2.1.2.2.Data Science Tools_Commercial Tools - sj50179/IBM-Data-Science-Professional-Certificate GitHub Wiki

Commercial Tools for Data Science

Data Management - In data management, most of an enterprise’s relevant data is stored in an Oracle Database, Microsoft SQL Server, or IBM Db2. Although open source databases are gaining popularity, those three data management products are still considered the industry-standard. They won’t disappear in the near future. It’s not just about functionality. Data is at the heart of every organization, and the availability of commercial supports plays a major role. Commercial supports are delivered directly from software vendors, influential partners, and support networks.

Data Integration and Transformation - When we focus on commercial data integration tools, we’re talking about “extract, transform, and load,” or “ETL” tools. According to a Gartner Magic Quadrant, Informatica Powercenter and IBM InfoSphere DataStage are the leaders, followed by products from SAP, Oracle, SAS, Talend, and Microsoft. These tools support design and deployment of ETL data-processing pipelines through a graphical interface. They also provide connectors to most of the commercial and open source target information systems. Finally, Watson Studio Desktop includes a component called Data Refinery, which enables the defining and execution of data integration processes in a spreadsheet style.

Data Visualization - In the commercial environment, data visualizations are utilizing business intelligence, or “BI”, tools. Their main focus is to create visually attractive and easy-to-understand reports and live dashboards. The most prominent commercial examples are: Tableau, Microsoft Power BI, and IBM Cognos Analytics. Another type of visualization targets data scientists rather than regular users. A sample problem might be “How can different columns in a table relate to each other?” This type of functionality is contained in Watson Studio Desktop.

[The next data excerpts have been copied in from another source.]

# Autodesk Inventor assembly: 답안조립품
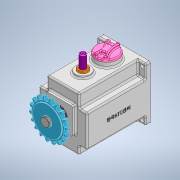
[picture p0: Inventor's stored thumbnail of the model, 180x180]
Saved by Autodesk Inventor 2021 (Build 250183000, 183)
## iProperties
Created: 2022-08
Part Number: 답안조립품
Document SubType Name: Assembly
Designer: Owner
Author: Owner
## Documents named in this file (16)
- C:\Users\Owner\Desktop\720810V1003\답안조립품.iam
- C:\Users\Owner\Desktop\720810V1003\본체.ipt
- C:\Users\Owner\Desktop\720810V1003\멈춤나사 M3.ipt
- C:\Users\Owner\Desktop\720810V1003\메인 축.ipt
- C:\Users\Owner\Desktop\720810V1003\베어링 608.ipt
- C:\Users\Owner\Desktop\720810V1003\베어링 6003.ipt
- C:\Users\Owner\Desktop\720810V1003\볼트 M4 x 10.ipt
- C:\Users\Owner\Desktop\720810V1003\부시.ipt
- C:\Users\Owner\Desktop\720810V1003\상부 캡.ipt
- C:\Users\Owner\Desktop\720810V1003\서브 축.ipt
- C:\Users\Owner\Desktop\720810V1003\스프로킷.ipt
- C:\Users\Owner\Desktop\720810V1003\슬라이더.ipt
- C:\Users\Owner\Desktop\720810V1003\오일 실 8 x 22 x 7.ipt
- C:\Users\Owner\Desktop\720810V1003\오일 실 17 x 32 x 8.ipt
- C:\Users\Owner\Desktop\720810V1003\커버.ipt
- C:\Users\Owner\Desktop\720810V1003\키 5 x 5.ipt
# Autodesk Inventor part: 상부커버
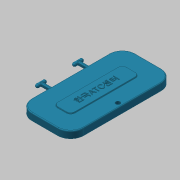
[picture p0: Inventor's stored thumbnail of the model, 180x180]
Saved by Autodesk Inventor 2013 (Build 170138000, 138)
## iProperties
Created: 2016-02
Part Number: 상부커버
Material: ABS 플라스틱
Document SubType Name: Modeling
Designer: mduedu
Density: 1.06 g/cm^3
Mass: 61.4476 g
Surface Area: 174.433 cm^2
Volume: 57.9694 cm^3
Author: mduedu
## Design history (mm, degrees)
sketch "스케치1"
  geometry: L1 (30, 60)-(-30, 60); L2 (-30, 60)-(-30, -60); L3 (-30, -60)-(30, -60); L4 (30, -60)-(30, 60); L5 (30, 60)-(-30, -60); L6 (-30, 60)-(30, -60); 1 further point
  constraints: 12 end point, 2 midpoint, 2 parallel, 1 horizontal, 1 perpendicular
  dimensions: "d0" = 60 distance of L2.end L3.end; "d2" = 120 distance of L1.end L2.end
extrude "돌출1" new body sketch "스케치1" distance "d3" = 8; taper "d4" = 0 deg
fillet "모깎기1" dims "d5" = 15
node "작업 평면1"
sketch "스케치7"
  geometry: L1 (-39, 4)-(129, 4) reference; L2 (65, 2)-(68, 2); L3 (68, 2)-(68, 6); L4 (68, 6)-(65, 6); L5 (65, 6)-(65, 2); L6 (65, 2)-(68, 6); L7 (68, 2)-(65, 6); 2 further points
  constraints: 12 end point, 2 midpoint, 2 parallel, 1 horizontal, 1 perpendicular, 1 point on line
  dimensions: "d33" = 4 distance of L2.end L3.end; "d35" = 3 distance of L3.end L4.end; "d36" = 20 distance from line of L5 point (45, 0)
extrude "돌출3" join sketch "스케치7" distance "d37" = 15; taper "d38" = 0 deg
fillet "모깎기6" dims "d39" = 2
node "작업 평면3"
sketch "스케치8"
  geometry: A1 r 2 centre (-13, 2) between (-13, 4) and (-13, 0) reference; 2 further points
  constraints: 1 coincident, 1 vertical alignment, 2 other
extrude "돌출4" join sketch "스케치8" stored distance "d40" = 12; taper "d41" = 0 deg
fillet "모깎기7" dims "d42" = 2
fillet "모깎기8" dims "d43" = 1
fillet "모깎기9" dims "d44" = 1
sketch "스케치2"
  geometry: L1 (30, 45)-(30, -45) reference; L2 (15, -60)-(-15, -60) reference; L3 (-30, -45)-(-30, 45) reference; L4 (-15, 60)-(15, 60) reference; L5 (25, 45)-(25, -45); L6 (15, -55)-(-15, -55); L7 (-25, -45)-(-25, 45); L8 (-15, 55)-(15, 55); A1 r 15 centre (15, 45) between (30, 45) and (15, 60) reference; A2 r 15 centre (15, -45) between (15, -60) and (30, -45) reference; A3 r 15 centre (-15, -45) between (-30, -45) and (-15, -60) reference; A4 r 15 centre (-15, 45) between (-15, 60) and (-30, 45) reference; A5 r 10 centre (15, 45) between (25, 45) and (15, 55); A6 r 10 centre (15, -45) between (15, -55) and (25, -45); A7 r 10 centre (-15, -45) between (-25, -45) and (-15, -55); A8 r 10 centre (-15, 45) between (-15, 55) and (-25, 45); 4 further points
  constraints: 8 end point, 8 point on circle, 4 centre point, 4 midpoint, 7 other
  dimensions: "d8" = 5 distance between parallel lines of L7 L3
hole "구멍1" sketch "스케치2" at (25, 0) diameter "d9" = 5; stored, may be unused: countersink angle "d13" = 90 deg, drill point angle "d15" = 118 deg; dims "d10" = 6, "d11" = 4, "d12" = 2, "d14" = 8
sketch "스케치3"
  geometry: L1 (10, -40)-(-10, -40); L2 (-10, -40)-(-10, 40); L3 (-10, 40)-(10, 40); L4 (10, 40)-(10, -40); L5 (10, -40)-(-10, 40); L6 (-10, -40)-(10, 40); 1 further point
  constraints: 12 end point, 2 midpoint, 2 parallel, 1 horizontal, 1 perpendicular
  dimensions: "d16" = 80 distance of L1.end L2.end; "d18" = 20 distance of L2.end L3.end
extrude "돌출2" join sketch "스케치3" distance "d19" = 1; taper "d20" = 0 deg
fillet "모깎기2" dims "d21" = 5
fillet "모깎기3" dims "d22" = 0.3
sketch "스케치4"
  geometry: 2 further points
  constraints: 1 coincident, 1 other
feature "엠보싱1" sketch "스케치4" dims "d8" = 5, "d24" = 0.5, "d25" = 0
fillet "모깎기10" dims "d45" = 1
node "솔리드1"
mirror "대칭1"
node "절단 모서리 투영1"

Model Building - If you want to build a machine learning model using a commercial tool, you should consider using a data mining product. The most prominent of these types of products are: SPSS Modeler and SAS Enterprise Miner. In addition, A version of SPSS Modeler is also available in Watson Studio Desktop, based on the cloud version of the tool.

Model monitoring is a new discipline and there are currently no relevant commercial tools available. As a result, open source is the first choice. The same is true for code asset management. Open source with Git and GitHub is the effective standard.

Data Asset Management - Data asset management, often called data governance or data lineage, is a crucial part of enterprise grade data science. Data must be versioned and annotated using metadata. Vendors, including Informatica Enterprise Data Governance and IBM, provide tools for these specific tasks. The IBM InfoSphere Information Governance Catalog covers functions like data dictionary, which facilitates discovery of data assets. Each data asset is assigned to a data steward -- the data owner. The data owner is responsible for that data asset and can be contacted. Data lineage is also covered; this enables a user to track back through the transformation steps followed in creating the data assets. The data lineage also includes a reference to the actual source data. Rules and policies can be added to reflect complex regulatory and business requirements for data privacy and retention.

Development Environment - Watson Studio is a fully integrated development environment for data scientists. It’s usually consumed through the cloud, and we’ll cover more about it in a later lesson. There is also a desktop version available. Watson Studio Desktop combines Jupyter Notebooks with graphical tools to maximize data scientists’ performance.

Fully Integrated Visual Tools - Watson Studio, together with Watson Open Scale, is a fully integrated tool covering the full data science life cycle and all the tasks we’ve discussed previously. We’ll talk more about both in the next lesson. but just keep in mind that they can be deployed in a local data center on top of Kubernetes or RedHat OpenShift. Another example of a fully integrated commercial tool is H2O Driverless AI, which covers the complete data science life cycle.